MATERIALS PROVIDED section start
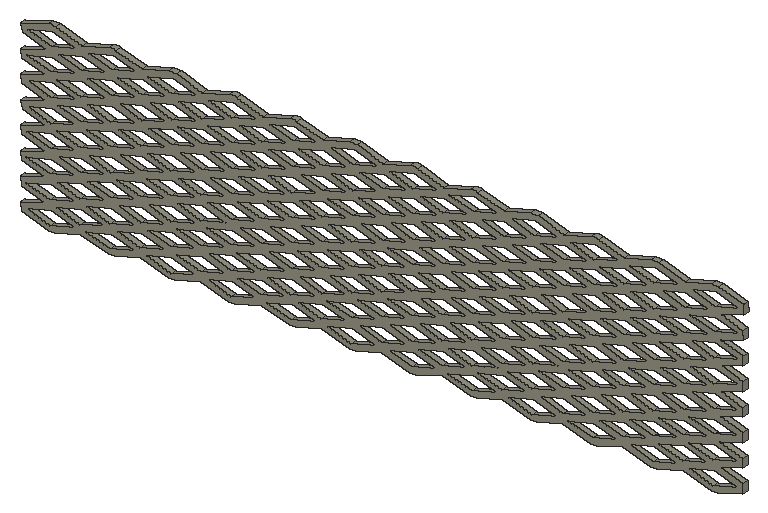
Revit family "Construction_Roof-Accessories_Alpine-SnowGuards_PP98-Ice-Screen", category Specialty Equipment, Revit 2019
Family settings
  Round Connector Dimension = Use Diameter
  Part Type = Normal
  OmniClass Number = 23.35.20.31.27.14
  OmniClass Title = Snow Guards
  Work Plane-Based = Yes
  Always vertical = No
  Cut with Voids When Loaded = No
  Shared = No
  Room Calculation Point = No
Parameters (values of type "PP98")
  URL = "https://www.alpinesnowguards.com/pipe-style-accessories-page?utm_source=bimobject&utm_medium=productlisting&utm_campaign=2022marketing"
  Product data url = "https://www.bimobject.com/alpine-snowguards/product/pipe-style-snow-guard-accessories"
  Product Material [instance] = Alpine SnowGuards - Aluminium - Mill Finish
  Product Guid = "61fc9796-3cde-4d78-8ab7-833e68d74063"
  Pipe Outside Diameter [instance] = 1"
  Model = "PP98"
  Manufacturer = "Alpine SnowGuards"  # constant formula
  Keynote = "07720"
  Edition number = 1
  Description = "Pipe Style Snow Guard Accessories- PP98 Ice Screen"  # constant formula
  Default Elevation = 48"
  Assembly Code = "B3010"
Reference planes (in)
  plane 1 "Center (Front/Back)": y = 0
  plane 2: z = 0
  plane 3 "Center (Left/Right)": x = 0
  plane 4: x = 36.63918
  plane 5: x = 18.31959
Forms (in)
  Extrusion 1, solid, material "Alpine SnowGuards - Aluminium - Mill Finish" <- "Product Material", detail levels fine
    sketch origin (0, 0, 0) x (1, 0, 0) y (0, 0, 1)
      loop
        line (-11.1362, 5.07605) -> (-11.9991, 4.80301) -> (-11.93813, 4.55164) -> (-11.13961, 4.31286) -> (-11.99782, 4.0413) -> (-11.94136, 3.7878) -> (-11.15169, 3.54967) -> (-11.96813, 3.29133) -> (-11.93039, 3.02732) -> (-11.16663, 2.79016) -> (-11.9991, 2.52675) -> (-11.94469, 2.26795) -> (-11.16717, 2.03062) -> (-11.9991, 1.76738) -> (-11.95362, 1.50804) -> (-11.17058, 1.26743) -> (-11.9991, 1.00527) -> (-11.95749, 0.74364) -> (-11.18266, 0.50424) -> (-11.9991, 0.2459) -> (-11.96136, -0.01811) -> (-11.06857, -0.28564) -> (-10.87122, -0.27567) -> (-9.99915, -0.02362) -> (-9.06857, -0.28564) -> (-8.87122, -0.27567) -> (-7.99915, -0.02362) -> (-7.06857, -0.28564) -> (-6.87122, -0.27567) -> (-5.99915, -0.02362) -> (-5.06857, -0.28564) -> (-4.87122, -0.27567) -> (-3.99915, -0.02362) -> (-3.06857, -0.28564) -> (-2.87122, -0.27567) -> (-1.99915, -0.02362) -> (-1.06857, -0.28564) -> (-0.87122, -0.27567) -> (0.00085, -0.02362) -> (0.93143, -0.28564) -> (1.12878, -0.27567) -> (2.00085, -0.02362) -> (2.93143, -0.28564) -> (3.12878, -0.27567) -> (4.00085, -0.02362) -> (4.93143, -0.28564) -> (5.12878, -0.27567) -> (6.00085, -0.02362) -> (6.93143, -0.28564) -> (7.12878, -0.27567) -> (8.00085, -0.02362) -> (8.93143, -0.28564) -> (9.12878, -0.27567) -> (10.00085, -0.02362) -> (10.93143, -0.28564) -> (11.12878, -0.27567) -> (11.96311, -0.01813) -> (11.96088, 0.26529) -> (11.1927, 0.50392) -> (11.96698, 0.74363) -> (11.96475, 1.02717) -> (11.19611, 1.26711) -> (11.97085, 1.50803) -> (11.96862, 1.79191) -> (11.20819, 2.0303) -> (11.97472, 2.26955) -> (11.9725, 2.55402) -> (11.22313, 2.78981) -> (11.97859, 3.02639) -> (11.97637, 3.31166) -> (11.22367, 3.54935) -> (11.98246, 3.78769) -> (11.98024, 4.07399) -> (11.22708, 4.31254) -> (11.98634, 4.55163) -> (11.98411, 4.8392) -> (11.23916, 5.07573) -> (11.99021, 5.31269) -> (11.98798, 5.60177) -> (11.18471, 5.85738)
        arc (11.18471, 5.85738) -> (11.05902, 5.87596) -> (10.93333, 5.85742) r 0.435
        line (10.93333, 5.85742) -> (10.03533, 5.602) -> (9.18471, 5.85738)
        arc (9.18471, 5.85738) -> (9.05902, 5.87596) -> (8.93333, 5.85742) r 0.435
        line (8.93333, 5.85742) -> (8.03533, 5.602) -> (7.18471, 5.85738)
        arc (7.18471, 5.85738) -> (7.05902, 5.87596) -> (6.93333, 5.85742) r 0.435
        line (6.93333, 5.85742) -> (6.03533, 5.602) -> (5.18471, 5.85738)
        arc (5.18471, 5.85738) -> (5.05902, 5.87596) -> (4.93333, 5.85742) r 0.435
        line (4.93333, 5.85742) -> (4.03533, 5.602) -> (3.18471, 5.85738)
        arc (3.18471, 5.85738) -> (3.05902, 5.87596) -> (2.93333, 5.85742) r 0.435
        line (2.93333, 5.85742) -> (2.03533, 5.602) -> (1.18471, 5.85738)
        arc (1.18471, 5.85738) -> (1.05902, 5.87596) -> (0.93333, 5.85742) r 0.435
        line (0.93333, 5.85742) -> (0.03533, 5.602) -> (-0.81529, 5.85738)
        arc (-0.81529, 5.85738) -> (-0.94098, 5.87596) -> (-1.06667, 5.85742) r 0.435
        line (-1.06667, 5.85742) -> (-1.96467, 5.602) -> (-2.81529, 5.85738)
        arc (-2.81529, 5.85738) -> (-2.94098, 5.87596) -> (-3.06667, 5.85742) r 0.435
        line (-3.06667, 5.85742) -> (-3.96467, 5.602) -> (-4.81529, 5.85738)
        arc (-4.81529, 5.85738) -> (-4.94098, 5.87596) -> (-5.06667, 5.85742) r 0.435
        line (-5.06667, 5.85742) -> (-5.96467, 5.602) -> (-6.81529, 5.85738)
        arc (-6.81529, 5.85738) -> (-6.94098, 5.87596) -> (-7.06667, 5.85742) r 0.435
        line (-7.06667, 5.85742) -> (-7.96467, 5.602) -> (-8.81529, 5.85738)
        arc (-8.81529, 5.85738) -> (-8.94098, 5.87596) -> (-9.06667, 5.85742) r 0.435
        line (-9.06667, 5.85742) -> (-9.96467, 5.602) -> (-10.81529, 5.85738)
        arc (-10.81529, 5.85738) -> (-10.94098, 5.87596) -> (-11.06667, 5.85742) r 0.435
        line (-11.06667, 5.85742) -> (-11.9991, 5.56238) -> (-11.9292, 5.31109) -> (-11.1362, 5.07605)
      loop
        line (-10.94108, 5.69496) -> (-11.76972, 5.45665) -> (-10.96854, 5.21704) -> (-10.11958, 5.45694) -> (-10.94108, 5.69496)
      loop
        line (-8.94108, 5.69496) -> (-9.76972, 5.45665) -> (-8.96854, 5.21704) -> (-8.11958, 5.45694) -> (-8.94108, 5.69496)
      loop
        line (-6.94108, 5.69496) -> (-7.76972, 5.45665) -> (-6.96854, 5.21704) -> (-6.11958, 5.45694) -> (-6.94108, 5.69496)
      loop
        line (-5.76972, 5.45665) -> (-4.96854, 5.21704) -> (-4.11958, 5.45694) -> (-4.94108, 5.69496) -> (-5.76972, 5.45665)
      loop
        line (-2.94108, 5.69496) -> (-3.76972, 5.45665) -> (-2.96854, 5.21704) -> (-2.11958, 5.45694) -> (-2.94108, 5.69496)
      loop
        line (-1.76972, 5.45665) -> (-0.96854, 5.21704) -> (-0.11958, 5.45694) -> (-0.94108, 5.69496) -> (-1.76972, 5.45665)
      loop
        line (0.23028, 5.45665) -> (1.03146, 5.21704) -> (1.88042, 5.45694) -> (1.05892, 5.69496) -> (0.23028, 5.45665)
      loop
        line (3.05892, 5.69496) -> (2.23028, 5.45665) -> (3.03146, 5.21704) -> (3.88042, 5.45694) -> (3.05892, 5.69496)
      loop
        line (4.23028, 5.45665) -> (5.03146, 5.21704) -> (5.88042, 5.45694) -> (5.05892, 5.69496) -> (4.23028, 5.45665)
      loop
        line (6.23028, 5.45665) -> (7.03146, 5.21704) -> (7.88042, 5.45694) -> (7.05892, 5.69496) -> (6.23028, 5.45665)
      loop
        line (8.23028, 5.45665) -> (9.03146, 5.21704) -> (9.88042, 5.45694) -> (9.05892, 5.69496) -> (8.23028, 5.45665)
      loop
        line (10.23028, 5.45665) -> (11.03146, 5.21704) -> (11.88042, 5.45694) -> (11.05892, 5.69496) -> (10.23028, 5.45665)
      loop
        line (11.05118, 4.93315) -> (10.22254, 4.69484) -> (11.02372, 4.45523) -> (11.87268, 4.69513) -> (11.05118, 4.93315)
      loop
        line (9.23916, 5.07573) -> (10.02759, 4.84019) -> (10.8638, 5.07605) -> (10.05505, 5.31001) -> (9.23916, 5.07573)
      loop
        line (8.05505, 5.31001) -> (7.23916, 5.07573) -> (8.02759, 4.84019) -> (8.8638, 5.07605) -> (8.05505, 5.31001)
      loop
        line (6.05505, 5.31001) -> (5.23916, 5.07573) -> (6.02759, 4.84019) -> (6.8638, 5.07605) -> (6.05505, 5.31001)
      loop
        line (4.05505, 5.31001) -> (3.23916, 5.07573) -> (4.02759, 4.84019) -> (4.8638, 5.07605) -> (4.05505, 5.31001)
      loop
        line (1.23916, 5.07573) -> (2.02759, 4.84019) -> (2.8638, 5.07605) -> (2.05505, 5.31001) -> (1.23916, 5.07573)
      loop
        line (0.05505, 5.31001) -> (-0.76084, 5.07573) -> (0.02759, 4.84019) -> (0.8638, 5.07605) -> (0.05505, 5.31001)
      loop
        line (-1.94495, 5.31001) -> (-2.76084, 5.07573) -> (-1.97241, 4.84019) -> (-1.1362, 5.07605) -> (-1.94495, 5.31001)
      loop
        line (-3.94495, 5.31001) -> (-4.76084, 5.07573) -> (-3.97241, 4.84019) -> (-3.1362, 5.07605) -> (-3.94495, 5.31001)
      loop
        line (-5.94495, 5.31001) -> (-6.76084, 5.07573) -> (-5.97241, 4.84019) -> (-5.1362, 5.07605) -> (-5.94495, 5.31001)
      loop
        line (-7.94495, 5.31001) -> (-8.76084, 5.07573) -> (-7.97241, 4.84019) -> (-7.1362, 5.07605) -> (-7.94495, 5.31001)
      loop
        line (-9.94495, 5.31001) -> (-10.76084, 5.07573) -> (-9.97241, 4.84019) -> (-9.1362, 5.07605) -> (-9.94495, 5.31001)
      loop
        line (-10.94882, 4.93315) -> (-11.77746, 4.69484) -> (-10.97628, 4.45523) -> (-10.12732, 4.69513) -> (-10.94882, 4.93315)
      loop
        line (-9.95269, 4.54819) -> (-10.77292, 4.31254) -> (-9.98015, 4.07562) -> (-9.13961, 4.31286) -> (-9.95269, 4.54819)
      loop
        line (-9.77746, 4.69484) -> (-8.97628, 4.45523) -> (-8.12732, 4.69513) -> (-8.94882, 4.93315) -> (-9.77746, 4.69484)
      loop
        line (-8.77292, 4.31254) -> (-7.98015, 4.07562) -> (-7.13961, 4.31286) -> (-7.95269, 4.54819) -> (-8.77292, 4.31254)
      loop
        line (-6.12732, 4.69513) -> (-6.94882, 4.93315) -> (-7.77746, 4.69484) -> (-6.97628, 4.45523) -> (-6.12732, 4.69513)
      loop
        line (-4.97628, 4.45523) -> (-4.12732, 4.69513) -> (-4.94882, 4.93315) -> (-5.77746, 4.69484) -> (-4.97628, 4.45523)
      loop
        line (-2.97628, 4.45523) -> (-2.12732, 4.69513) -> (-2.94882, 4.93315) -> (-3.77746, 4.69484) -> (-2.97628, 4.45523)
      loop
        line (-3.98015, 4.07562) -> (-3.13961, 4.31286) -> (-3.95269, 4.54819) -> (-4.77292, 4.31254) -> (-3.98015, 4.07562)
      loop
        line (-5.7852, 3.93027) -> (-4.98402, 3.69066) -> (-4.13507, 3.93056) -> (-4.95656, 4.16858) -> (-5.7852, 3.93027)
      loop
        line (-5.13961, 4.31286) -> (-5.95269, 4.54819) -> (-6.77292, 4.31254) -> (-5.98015, 4.07562) -> (-5.13961, 4.31286)
      loop
        line (-6.95656, 4.16858) -> (-7.7852, 3.93027) -> (-6.98402, 3.69066) -> (-6.13507, 3.93056) -> (-6.95656, 4.16858)
      loop
        line (-8.95656, 4.16858) -> (-9.7852, 3.93027) -> (-8.98402, 3.69066) -> (-8.13507, 3.93056) -> (-8.95656, 4.16858)
      loop
        line (-10.13507, 3.93056) -> (-10.95656, 4.16858) -> (-11.7852, 3.93027) -> (-10.98402, 3.69066) -> (-10.13507, 3.93056)
      loop
        line (-9.9879, 3.31381) -> (-9.15169, 3.54967) -> (-9.96043, 3.78363) -> (-10.77633, 3.54935) -> (-9.9879, 3.31381)
      loop
        line (-10.14281, 3.16875) -> (-10.96431, 3.40677) -> (-11.79295, 3.16846) -> (-10.99177, 2.92885) -> (-10.14281, 3.16875)
      loop
        line (-9.16663, 2.79016) -> (-9.96818, 3.02181) -> (-10.77687, 2.78981) -> (-9.99564, 2.55657) -> (-9.16663, 2.79016)
      loop
        line (-8.14281, 3.16875) -> (-8.96431, 3.40677) -> (-9.79295, 3.16846) -> (-8.99177, 2.92885) -> (-8.14281, 3.16875)
      loop
        line (-7.15169, 3.54967) -> (-7.96043, 3.78363) -> (-8.77633, 3.54935) -> (-7.9879, 3.31381) -> (-7.15169, 3.54967)
      loop
        line (-5.9879, 3.31381) -> (-5.15169, 3.54967) -> (-5.96043, 3.78363) -> (-6.77633, 3.54935) -> (-5.9879, 3.31381)
      loop
        line (-6.14281, 3.16875) -> (-6.96431, 3.40677) -> (-7.79295, 3.16846) -> (-6.99177, 2.92885) -> (-6.14281, 3.16875)
      loop
        line (-8.77687, 2.78981) -> (-7.99564, 2.55657) -> (-7.16663, 2.79016) -> (-7.96818, 3.02181) -> (-8.77687, 2.78981)
      loop
        line (-8.97205, 2.64953) -> (-9.80069, 2.41122) -> (-8.99951, 2.17161) -> (-8.15055, 2.41151) -> (-8.97205, 2.64953)
      loop
        line (-10.79181, 2.0303) -> (-10.00338, 1.79476) -> (-9.16717, 2.03062) -> (-9.97592, 2.26457) -> (-10.79181, 2.0303)
      loop
        line (-10.15055, 2.41151) -> (-10.97205, 2.64953) -> (-11.80069, 2.41122) -> (-10.99951, 2.17161) -> (-10.15055, 2.41151)
      loop
        line (-10.1583, 1.6497) -> (-10.97979, 1.88772) -> (-11.80843, 1.64941) -> (-11.00725, 1.4098) -> (-10.1583, 1.6497)
      loop
        line (-10.98754, 1.12315) -> (-11.81618, 0.88484) -> (-11.015, 0.64523) -> (-10.16604, 0.88513) -> (-10.98754, 1.12315)
      loop
        line (-9.17058, 1.26743) -> (-9.98366, 1.50276) -> (-10.80389, 1.26711) -> (-10.01113, 1.03019) -> (-9.17058, 1.26743)
      loop
        line (-9.015, 0.64523) -> (-8.16604, 0.88513) -> (-8.98754, 1.12315) -> (-9.81618, 0.88484) -> (-9.015, 0.64523)
      loop
        line (-9.18266, 0.50424) -> (-9.99141, 0.73819) -> (-10.8073, 0.50392) -> (-10.01887, 0.26838) -> (-9.18266, 0.50424)
      loop
        line (-10.99528, 0.36134) -> (-11.82392, 0.12303) -> (-11.02274, -0.11658) -> (-10.17378, 0.12332) -> (-10.99528, 0.36134)
      loop
        line (-8.99528, 0.36134) -> (-9.82392, 0.12303) -> (-9.02274, -0.11658) -> (-8.17378, 0.12332) -> (-8.99528, 0.36134)
      loop
        line (-7.18266, 0.50424) -> (-7.99141, 0.73819) -> (-8.8073, 0.50392) -> (-8.01887, 0.26838) -> (-7.18266, 0.50424)
      loop
        line (-6.16604, 0.88513) -> (-6.98754, 1.12315) -> (-7.81618, 0.88484) -> (-7.015, 0.64523) -> (-6.16604, 0.88513)
      loop
        line (-7.17058, 1.26743) -> (-7.98366, 1.50276) -> (-8.80389, 1.26711) -> (-8.01113, 1.03019) -> (-7.17058, 1.26743)
      loop
        line (-8.97979, 1.88772) -> (-9.80843, 1.64941) -> (-9.00725, 1.4098) -> (-8.1583, 1.6497) -> (-8.97979, 1.88772)
      loop
        line (-7.97592, 2.26457) -> (-8.79181, 2.0303) -> (-8.00338, 1.79476) -> (-7.16717, 2.03062) -> (-7.97592, 2.26457)
      loop
        line (-6.15055, 2.41151) -> (-6.97205, 2.64953) -> (-7.80069, 2.41122) -> (-6.99951, 2.17161) -> (-6.15055, 2.41151)
      loop
        line (-5.16663, 2.79016) -> (-5.96818, 3.02181) -> (-6.77687, 2.78981) -> (-5.99564, 2.55657) -> (-5.16663, 2.79016)
      loop
        line (-4.97979, 1.88772) -> (-5.80843, 1.64941) -> (-5.00725, 1.4098) -> (-4.1583, 1.6497) -> (-4.97979, 1.88772)
      loop
        line (-5.16717, 2.03062) -> (-5.97592, 2.26457) -> (-6.79181, 2.0303) -> (-6.00338, 1.79476) -> (-5.16717, 2.03062)
      loop
        line (-6.97979, 1.88772) -> (-7.80843, 1.64941) -> (-7.00725, 1.4098) -> (-6.1583, 1.6497) -> (-6.97979, 1.88772)
      loop
        line (-5.98366, 1.50276) -> (-6.80389, 1.26711) -> (-6.01113, 1.03019) -> (-5.17058, 1.26743) -> (-5.98366, 1.50276)
      loop
        line (-6.8073, 0.50392) -> (-6.01887, 0.26838) -> (-5.18266, 0.50424) -> (-5.99141, 0.73819) -> (-6.8073, 0.50392)
      loop
        line (-7.82392, 0.12303) -> (-7.00278, -0.13899) -> (-6.17378, 0.12332) -> (-6.99528, 0.36134) -> (-7.82392, 0.12303)
      loop
        line (-4.99528, 0.36134) -> (-5.82392, 0.12303) -> (-5.02274, -0.11658) -> (-4.17378, 0.12332) -> (-4.99528, 0.36134)
      loop
        line (-4.8073, 0.50392) -> (-4.01887, 0.26838) -> (-3.18266, 0.50424) -> (-3.99141, 0.73819) -> (-4.8073, 0.50392)
      loop
        line (-5.81618, 0.88484) -> (-5.015, 0.64523) -> (-4.16604, 0.88513) -> (-4.98754, 1.12315) -> (-5.81618, 0.88484)
      loop
        line (-5.79295, 3.16846) -> (-4.99177, 2.92885) -> (-4.14281, 3.16875) -> (-4.96431, 3.40677) -> (-5.79295, 3.16846)
      loop
        line (-5.80069, 2.41122) -> (-4.99951, 2.17161) -> (-4.15055, 2.41151) -> (-4.97205, 2.64953) -> (-5.80069, 2.41122)
      loop
        line (-4.79181, 2.0303) -> (-4.00338, 1.79476) -> (-3.16717, 2.03062) -> (-3.97592, 2.26457) -> (-4.79181, 2.0303)
      loop
        line (-4.80389, 1.26711) -> (-4.01113, 1.03019) -> (-3.17058, 1.26743) -> (-3.98366, 1.50276) -> (-4.80389, 1.26711)
      loop
        line (-3.81618, 0.88484) -> (-3.015, 0.64523) -> (-2.16604, 0.88513) -> (-2.98754, 1.12315) -> (-3.81618, 0.88484)
      loop
        line (-3.82392, 0.12303) -> (-3.02274, -0.11658) -> (-2.17378, 0.12332) -> (-2.99528, 0.36134) -> (-3.82392, 0.12303)
      loop
        line (-1.18266, 0.50424) -> (-1.99141, 0.73819) -> (-2.8073, 0.50392) -> (-2.01887, 0.26838) -> (-1.18266, 0.50424)
      loop
        line (-1.82392, 0.12303) -> (-1.02274, -0.11658) -> (-0.17378, 0.12332) -> (-0.99528, 0.36134) -> (-1.82392, 0.12303)
      loop
        line (-0.16604, 0.88513) -> (-0.98754, 1.12315) -> (-1.81618, 0.88484) -> (-1.015, 0.64523) -> (-0.16604, 0.88513)
      loop
        line (-1.17058, 1.26743) -> (-1.98366, 1.50276) -> (-2.80389, 1.26711) -> (-2.01113, 1.03019) -> (-1.17058, 1.26743)
      loop
        line (-2.1583, 1.6497) -> (-2.97979, 1.88772) -> (-3.80843, 1.64941) -> (-3.00725, 1.4098) -> (-2.1583, 1.6497)
      loop
        line (-1.16717, 2.03062) -> (-1.97592, 2.26457) -> (-2.79181, 2.0303) -> (-2.00338, 1.79476) -> (-1.16717, 2.03062)
      loop
        line (-2.15055, 2.41151) -> (-2.97205, 2.64953) -> (-3.80069, 2.41122) -> (-2.99951, 2.17161) -> (-2.15055, 2.41151)
      loop
        line (-3.16663, 2.79016) -> (-3.96818, 3.02181) -> (-4.77687, 2.78981) -> (-3.99564, 2.55657) -> (-3.16663, 2.79016)
      loop
        line (-3.15169, 3.54967) -> (-3.96043, 3.78363) -> (-4.77633, 3.54935) -> (-3.9879, 3.31381) -> (-3.15169, 3.54967)
      loop
        line (-2.13507, 3.93056) -> (-2.95656, 4.16858) -> (-3.7852, 3.93027) -> (-2.98402, 3.69066) -> (-2.13507, 3.93056)
      loop
        line (-3.79295, 3.16846) -> (-2.99177, 2.92885) -> (-2.14281, 3.16875) -> (-2.96431, 3.40677) -> (-3.79295, 3.16846)
      loop
        line (-1.13961, 4.31286) -> (-1.95269, 4.54819) -> (-2.77292, 4.31254) -> (-1.98015, 4.07562) -> (-1.13961, 4.31286)
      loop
MATERIALS PROVIDED section end
• _YOUR ASSIGNMENT_
Return each line above where the word "Diameter" shows up.

• _TASK OUTPUT_
  Round Connector Dimension = Use Diameter
  Pipe Outside Diameter [instance] = 1"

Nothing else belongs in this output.